=== Work instruction ===
The data below is to be set down exactly.

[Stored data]
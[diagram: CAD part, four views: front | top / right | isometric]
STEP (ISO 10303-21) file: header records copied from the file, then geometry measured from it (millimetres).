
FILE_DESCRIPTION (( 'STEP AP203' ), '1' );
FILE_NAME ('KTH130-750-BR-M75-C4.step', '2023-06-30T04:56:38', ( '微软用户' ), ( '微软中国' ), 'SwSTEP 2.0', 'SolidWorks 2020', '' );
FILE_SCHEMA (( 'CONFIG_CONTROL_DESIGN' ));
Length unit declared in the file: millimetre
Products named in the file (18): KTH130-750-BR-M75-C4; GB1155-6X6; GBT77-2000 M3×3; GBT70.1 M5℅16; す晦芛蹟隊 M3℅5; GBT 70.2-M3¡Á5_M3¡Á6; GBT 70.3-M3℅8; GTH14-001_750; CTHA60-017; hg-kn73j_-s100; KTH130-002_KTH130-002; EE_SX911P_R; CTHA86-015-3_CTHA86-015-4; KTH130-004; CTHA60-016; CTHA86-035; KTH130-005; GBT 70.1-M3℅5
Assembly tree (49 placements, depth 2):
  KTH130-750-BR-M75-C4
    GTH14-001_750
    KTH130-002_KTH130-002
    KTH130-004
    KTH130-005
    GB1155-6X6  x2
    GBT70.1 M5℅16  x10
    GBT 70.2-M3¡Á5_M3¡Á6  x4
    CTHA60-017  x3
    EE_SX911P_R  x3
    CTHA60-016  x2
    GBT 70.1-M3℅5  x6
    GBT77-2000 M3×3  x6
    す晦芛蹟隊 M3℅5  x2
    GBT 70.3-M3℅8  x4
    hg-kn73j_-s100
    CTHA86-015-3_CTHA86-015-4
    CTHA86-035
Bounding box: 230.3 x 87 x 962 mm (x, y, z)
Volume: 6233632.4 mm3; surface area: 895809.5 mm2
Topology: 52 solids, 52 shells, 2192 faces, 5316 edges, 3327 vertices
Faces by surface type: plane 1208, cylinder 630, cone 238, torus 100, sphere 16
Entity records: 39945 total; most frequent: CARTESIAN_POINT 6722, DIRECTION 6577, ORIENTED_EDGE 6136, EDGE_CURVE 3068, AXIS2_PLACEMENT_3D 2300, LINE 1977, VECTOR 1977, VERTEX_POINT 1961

=== Task output ===
[diagram: CAD part, four views: front | top / right | isometric]
STEP (ISO 10303-21) file: header records copied from the file, then geometry measured from it (millimetres).
FILE_DESCRIPTION (( 'STEP AP203' ), '1' );
FILE_NAME ('KTH130-750-BR-M75-C4.step', '2023-06-30T04:56:38', ( '微软用户' ), ( '微软中国' ), 'SwSTEP 2.0', 'SolidWorks 2020', '' );
FILE_SCHEMA (( 'CONFIG_CONTROL_DESIGN' ));
Length unit declared in the file: millimetre
Products named in the file (18): KTH130-750-BR-M75-C4; GB1155-6X6; GBT77-2000 M3×3; GBT70.1 M5℅16; す晦芛蹟隊 M3℅5; GBT 70.2-M3¡Á5_M3¡Á6; GBT 70.3-M3℅8; GTH14-001_750; CTHA60-017; hg-kn73j_-s100; KTH130-002_KTH130-002; EE_SX911P_R; CTHA86-015-3_CTHA86-015-4; KTH130-004; CTHA60-016; CTHA86-035; KTH130-005; GBT 70.1-M3℅5
Assembly tree (49 placements, depth 2):
  KTH130-750-BR-M75-C4
    GTH14-001_750
    KTH130-002_KTH130-002
    KTH130-004
    KTH130-005
    GB1155-6X6  x2
    GBT70.1 M5℅16  x10
    GBT 70.2-M3¡Á5_M3¡Á6  x4
    CTHA60-017  x3
    EE_SX911P_R  x3
    CTHA60-016  x2
    GBT 70.1-M3℅5  x6
    GBT77-2000 M3×3  x6
    す晦芛蹟隊 M3℅5  x2
    GBT 70.3-M3℅8  x4
    hg-kn73j_-s100
    CTHA86-015-3_CTHA86-015-4
    CTHA86-035
Bounding box: 230.3 x 87 x 962 mm (x, y, z)
Volume: 6233632.4 mm3; surface area: 895809.5 mm2
Topology: 52 solids, 52 shells, 2192 faces, 5316 edges, 3327 vertices
Faces by surface type: plane 1208, cylinder 630, cone 238, torus 100, sphere 16
Entity records: 39945 total; most frequent: CARTESIAN_POINT 6722, DIRECTION 6577, ORIENTED_EDGE 6136, EDGE_CURVE 3068, AXIS2_PLACEMENT_3D 2300, LINE 1977, VECTOR 1977, VERTEX_POINT 1961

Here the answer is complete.